Summary
A proposal to adjust ten (10) total risk parameters, including Loan-to-Value and Liquidation Threshold, across five (5) Aave V3 assets.
- GNO on Gnosis
- OP on Optimism
- ARB on Arbitrum
- stMATIC on Polygon
- MaticX on Polygon
Analysis
Increasing the liquidation threshold and LTV for assets allows Aave to enhance users’ capital efficiency. However, this must be balanced with proper risk management to ensure that there is a sufficient buffer in the event of large drawdowns and/or liquidations. The analyses below were conducted utilizing our LT simulations, which showed either minimal or no increases in VaR at the recommended LT levels, while also considering user distribution and on-chain liquidity.
GNO (Gnosis)
GNO is in isolation mode with a debt ceiling of $2M, with $971K borrowed against it, split between USDC and WXDAI. The top suppliers of GNO have strong health scores of over 3, while some do not borrow against GNO.
Given the user distribution and liquidity, we recommend increasing the LT to 53% and the LTV to 48%.
OP (Optimism)
USDC and USDT are the most popular assets borrowed against OP collateral, together with DAI representing 71% of the total debt against OP. These positions are thus at risk of liquidation should OP’s price fall.
However, the largest suppliers maintain relatively strong health scores and on-chain liquidity would support their liquidation.
Given these factors, we recommend increasing the LTV to 58% and the LT to 63%.
ARB (Arbitrum)
There is currently $5.64M borrowed against $28.5M ARB in this market, the majority of which is stablecoins.
Collateral at risk increases smoothly as ARB’s price declines, and we find that on-chain liquidity can support efficient liquidations.
Given this, we recommend increasing the LTV to 58% and the LT to 63%.
stMATIC (Polygon)
There is $6.28M borrowed against $30.09M stMATIC in this market, with $2.4M of that borrowed in E-Mode. Non-E-Mode borrows are primarily of USDC.e.

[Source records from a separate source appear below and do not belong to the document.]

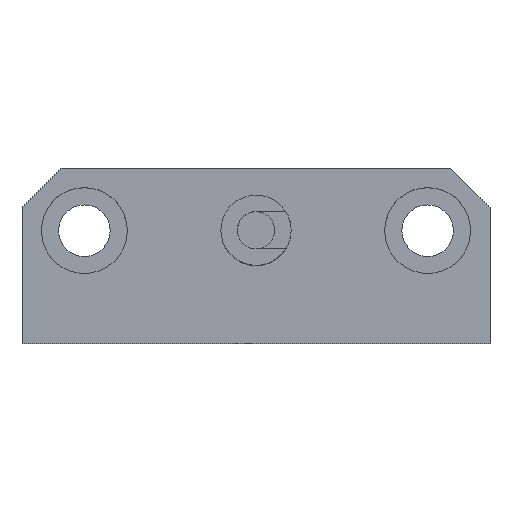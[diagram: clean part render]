
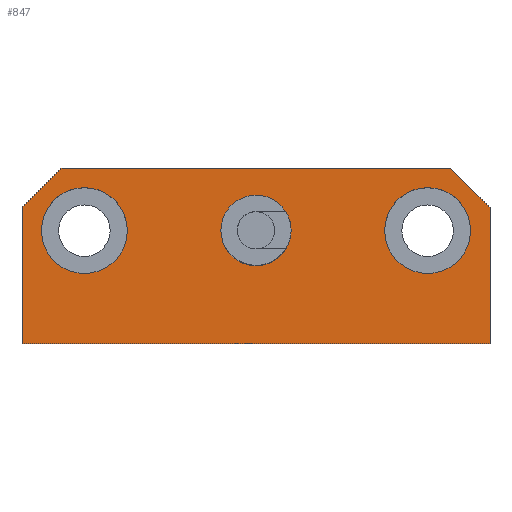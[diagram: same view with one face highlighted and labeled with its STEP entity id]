
A CAD part, top view. The second image highlights one B-rep face of the part: STEP entity #847.
In plain terms, the highlighted planar face has unit normal (0, 0, 1).
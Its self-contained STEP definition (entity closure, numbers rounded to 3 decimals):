
#3 = AXIS2_PLACEMENT_3D ( 'NONE', #742, #65, #635 ) ;
#5 = EDGE_CURVE ( 'NONE', #500, #18, #105, .T. ) ;
#7 = VERTEX_POINT ( 'NONE', #161 ) ;
#10 = CARTESIAN_POINT ( 'NONE',  ( 30., -14.5, -25. ) ) ;
#13 = AXIS2_PLACEMENT_3D ( 'NONE', #968, #958, #413 ) ;
#18 = VERTEX_POINT ( 'NONE', #450 ) ;
#21 = EDGE_CURVE ( 'NONE', #500, #380, #1073, .T. ) ;
#33 = ORIENTED_EDGE ( 'NONE', *, *, #455, .F. ) ;
#45 = FACE_BOUND ( 'NONE', #1144, .T. ) ;
#51 = CARTESIAN_POINT ( 'NONE',  ( 0., 0., -25. ) ) ;
#52 = VERTEX_POINT ( 'NONE', #435 ) ;
#58 = CARTESIAN_POINT ( 'NONE',  ( -27.5, 0., -25. ) ) ;
#63 = EDGE_CURVE ( 'NONE', #211, #52, #621, .T. ) ;
#65 = DIRECTION ( 'NONE',  ( 0., 0., 1. ) ) ;
#66 = CARTESIAN_POINT ( 'NONE',  ( -30., 3., -25. ) ) ;
#94 = VECTOR ( 'NONE', #446, 1000. ) ;
#96 = DIRECTION ( 'NONE',  ( -1., 0., 0. ) ) ;
#98 = AXIS2_PLACEMENT_3D ( 'NONE', #51, #420, #133 ) ;
#105 = LINE ( 'NONE', #1271, #234 ) ;
#113 = CIRCLE ( 'NONE', #98, 4.5 ) ;
#117 = VECTOR ( 'NONE', #949, 1000. ) ;
#122 = LINE ( 'NONE', #10, #389 ) ;
#133 = DIRECTION ( 'NONE',  ( 1., 0., 0. ) ) ;
#161 = CARTESIAN_POINT ( 'NONE',  ( 30., -14.5, -25. ) ) ;
#178 = AXIS2_PLACEMENT_3D ( 'NONE', #312, #924, #227 ) ;
#185 = LINE ( 'NONE', #479, #485 ) ;
#205 = EDGE_CURVE ( 'NONE', #52, #211, #113, .T. ) ;
#211 = VERTEX_POINT ( 'NONE', #1156 ) ;
#227 = DIRECTION ( 'NONE',  ( 1., 0., 0. ) ) ;
#232 = VERTEX_POINT ( 'NONE', #1108 ) ;
#234 = VECTOR ( 'NONE', #745, 1000. ) ;
#248 = ORIENTED_EDGE ( 'NONE', *, *, #63, .F. ) ;
#312 = CARTESIAN_POINT ( 'NONE',  ( -22., 0., -25. ) ) ;
#315 = CARTESIAN_POINT ( 'NONE',  ( 0., 0., -25. ) ) ;
#360 = ORIENTED_EDGE ( 'NONE', *, *, #1027, .T. ) ;
#380 = VERTEX_POINT ( 'NONE', #66 ) ;
#387 = CARTESIAN_POINT ( 'NONE',  ( -16.5, 0., -25. ) ) ;
#389 = VECTOR ( 'NONE', #96, 1000. ) ;
#408 = CARTESIAN_POINT ( 'NONE',  ( -22., 0., -25. ) ) ;
#413 = DIRECTION ( 'NONE',  ( -1., 0., 0. ) ) ;
#420 = DIRECTION ( 'NONE',  ( 0., 0., 1. ) ) ;
#435 = CARTESIAN_POINT ( 'NONE',  ( 4.5, 0., -25. ) ) ;
#446 = DIRECTION ( 'NONE',  ( 0., -1., 0. ) ) ;
#448 = VERTEX_POINT ( 'NONE', #1273 ) ;
#450 = CARTESIAN_POINT ( 'NONE',  ( 25., 8., -25. ) ) ;
#455 = EDGE_CURVE ( 'NONE', #232, #7, #606, .T. ) ;
#471 = DIRECTION ( 'NONE',  ( 0., 0., 1. ) ) ;
#477 = CARTESIAN_POINT ( 'NONE',  ( -30., -14.5, -25. ) ) ;
#479 = CARTESIAN_POINT ( 'NONE',  ( -30., 8., -25. ) ) ;
#485 = VECTOR ( 'NONE', #854, 1000. ) ;
#497 = EDGE_CURVE ( 'NONE', #1230, #448, #699, .T. ) ;
#500 = VERTEX_POINT ( 'NONE', #957 ) ;
#524 = EDGE_LOOP ( 'NONE', ( #1123, #248 ) ) ;
#526 = CARTESIAN_POINT ( 'NONE',  ( 30., 3., -25. ) ) ;
#551 = VECTOR ( 'NONE', #916, 1000. ) ;
#569 = CARTESIAN_POINT ( 'NONE',  ( 22., 0., -25. ) ) ;
#571 = ORIENTED_EDGE ( 'NONE', *, *, #1270, .F. ) ;
#595 = ORIENTED_EDGE ( 'NONE', *, *, #1197, .F. ) ;
#596 = EDGE_CURVE ( 'NONE', #448, #1230, #1150, .T. ) ;
#604 = CIRCLE ( 'NONE', #1288, 5.5 ) ;
#606 = LINE ( 'NONE', #753, #94 ) ;
#607 = VERTEX_POINT ( 'NONE', #477 ) ;
#612 = DIRECTION ( 'NONE',  ( 0., 0., 1. ) ) ;
#615 = CIRCLE ( 'NONE', #178, 5.5 ) ;
#618 = AXIS2_PLACEMENT_3D ( 'NONE', #569, #471, #1089 ) ;
#621 = CIRCLE ( 'NONE', #816, 4.5 ) ;
#635 = DIRECTION ( 'NONE',  ( 1., 0., 0. ) ) ;
#646 = CARTESIAN_POINT ( 'NONE',  ( -25., 8., -25. ) ) ;
#699 = CIRCLE ( 'NONE', #3, 5.5 ) ;
#720 = FACE_BOUND ( 'NONE', #524, .T. ) ;
#731 = PLANE ( 'NONE',  #13 ) ;
#741 = VERTEX_POINT ( 'NONE', #58 ) ;
#742 = CARTESIAN_POINT ( 'NONE',  ( 22., 0., -25. ) ) ;
#745 = DIRECTION ( 'NONE',  ( 1., 0., 0. ) ) ;
#753 = CARTESIAN_POINT ( 'NONE',  ( 30., 8., -25. ) ) ;
#757 = ORIENTED_EDGE ( 'NONE', *, *, #21, .T. ) ;
#793 = CARTESIAN_POINT ( 'NONE',  ( 27.5, 0., -25. ) ) ;
#816 = AXIS2_PLACEMENT_3D ( 'NONE', #315, #612, #1162 ) ;
#821 = DIRECTION ( 'NONE',  ( 1., 0., 0. ) ) ;
#847 = ADVANCED_FACE ( 'NONE', ( #45, #971, #720, #1042 ), #731, .F. ) ;
#854 = DIRECTION ( 'NONE',  ( 0., 1., 0. ) ) ;
#892 = VERTEX_POINT ( 'NONE', #387 ) ;
#916 = DIRECTION ( 'NONE',  ( -0.707, -0.707, 0. ) ) ;
#924 = DIRECTION ( 'NONE',  ( 0., 0., 1. ) ) ;
#931 = DIRECTION ( 'NONE',  ( 0., 0., 1. ) ) ;
#949 = DIRECTION ( 'NONE',  ( -0.707, 0.707, 0. ) ) ;
#957 = CARTESIAN_POINT ( 'NONE',  ( -25., 8., -25. ) ) ;
#958 = DIRECTION ( 'NONE',  ( 0., 0., -1. ) ) ;
#968 = CARTESIAN_POINT ( 'NONE',  ( 0., 0., -25. ) ) ;
#971 = FACE_BOUND ( 'NONE', #1243, .T. ) ;
#1027 = EDGE_CURVE ( 'NONE', #232, #18, #1059, .T. ) ;
#1042 = FACE_OUTER_BOUND ( 'NONE', #1165, .T. ) ;
#1044 = ORIENTED_EDGE ( 'NONE', *, *, #497, .F. ) ;
#1059 = LINE ( 'NONE', #526, #117 ) ;
#1073 = LINE ( 'NONE', #646, #551 ) ;
#1089 = DIRECTION ( 'NONE',  ( 1., 0., 0. ) ) ;
#1106 = EDGE_CURVE ( 'NONE', #741, #892, #615, .T. ) ;
#1108 = CARTESIAN_POINT ( 'NONE',  ( 30., 3., -25. ) ) ;
#1123 = ORIENTED_EDGE ( 'NONE', *, *, #205, .F. ) ;
#1125 = ORIENTED_EDGE ( 'NONE', *, *, #5, .F. ) ;
#1126 = EDGE_CURVE ( 'NONE', #892, #741, #604, .T. ) ;
#1144 = EDGE_LOOP ( 'NONE', ( #1145, #1227 ) ) ;
#1145 = ORIENTED_EDGE ( 'NONE', *, *, #1126, .F. ) ;
#1150 = CIRCLE ( 'NONE', #618, 5.5 ) ;
#1156 = CARTESIAN_POINT ( 'NONE',  ( -4.5, 0., -25. ) ) ;
#1162 = DIRECTION ( 'NONE',  ( 1., 0., 0. ) ) ;
#1165 = EDGE_LOOP ( 'NONE', ( #33, #360, #1125, #757, #595, #571 ) ) ;
#1197 = EDGE_CURVE ( 'NONE', #607, #380, #185, .T. ) ;
#1227 = ORIENTED_EDGE ( 'NONE', *, *, #1106, .F. ) ;
#1230 = VERTEX_POINT ( 'NONE', #793 ) ;
#1243 = EDGE_LOOP ( 'NONE', ( #1044, #1246 ) ) ;
#1246 = ORIENTED_EDGE ( 'NONE', *, *, #596, .F. ) ;
#1270 = EDGE_CURVE ( 'NONE', #7, #607, #122, .T. ) ;
#1271 = CARTESIAN_POINT ( 'NONE',  ( 30., 8., -25. ) ) ;
#1273 = CARTESIAN_POINT ( 'NONE',  ( 16.5, 0., -25. ) ) ;
#1288 = AXIS2_PLACEMENT_3D ( 'NONE', #408, #931, #821 ) ;

The top suppliers maintain relatively strong health scores, with the largest borrowing just $82K against $12M stMATIC, putting this market at relatively lower risk of large scale liquidations.
Given these factors, we recommend increasing the LTV to 48% and the LT to 58%.
MaticX (Polygon)
75% of the value borrowed against MaticX is associated with MATIC-correlated assets in E-Mode, putting these positions at a relatively lower risk of liquidation. Non-E-Mode borrows are primarily of stablecoins, with USCD.e the largest.
The largest MaticX suppliers are either looping with WMATIC, borrowing a small amount of WETH, or borrowing USDC.e.
Given on-chain liquidity and user distribution, we recommend increasing the LTV to 50% and the LT to 60%.
Specification
Given these observations, we recommend making the following changes:
Chain | Asset | Current LTV | Rec. LTV | Current LT | Rec. LT |
---|---|---|---|---|---|
Gnosis | GNO | 45% | 48% | 50% | 53% |
Optimism | OP | 50% | 58% | 60% | 63% |
Arbitrum | ARB | 50% | 58% | 60% | 63% |
Polygon | stMATIC | 45% | 48% | 56% | 58% |
Polygon | MaticX | 45% | 50% | 58% | 60% |
Next Steps
We invite a community discussion around the proposed parameter updates and, barring community objection, will follow up with a Snapshot vote in five days.
Disclaimer
Chaos Labs has not been compensated by any third party for publishing this ARFC.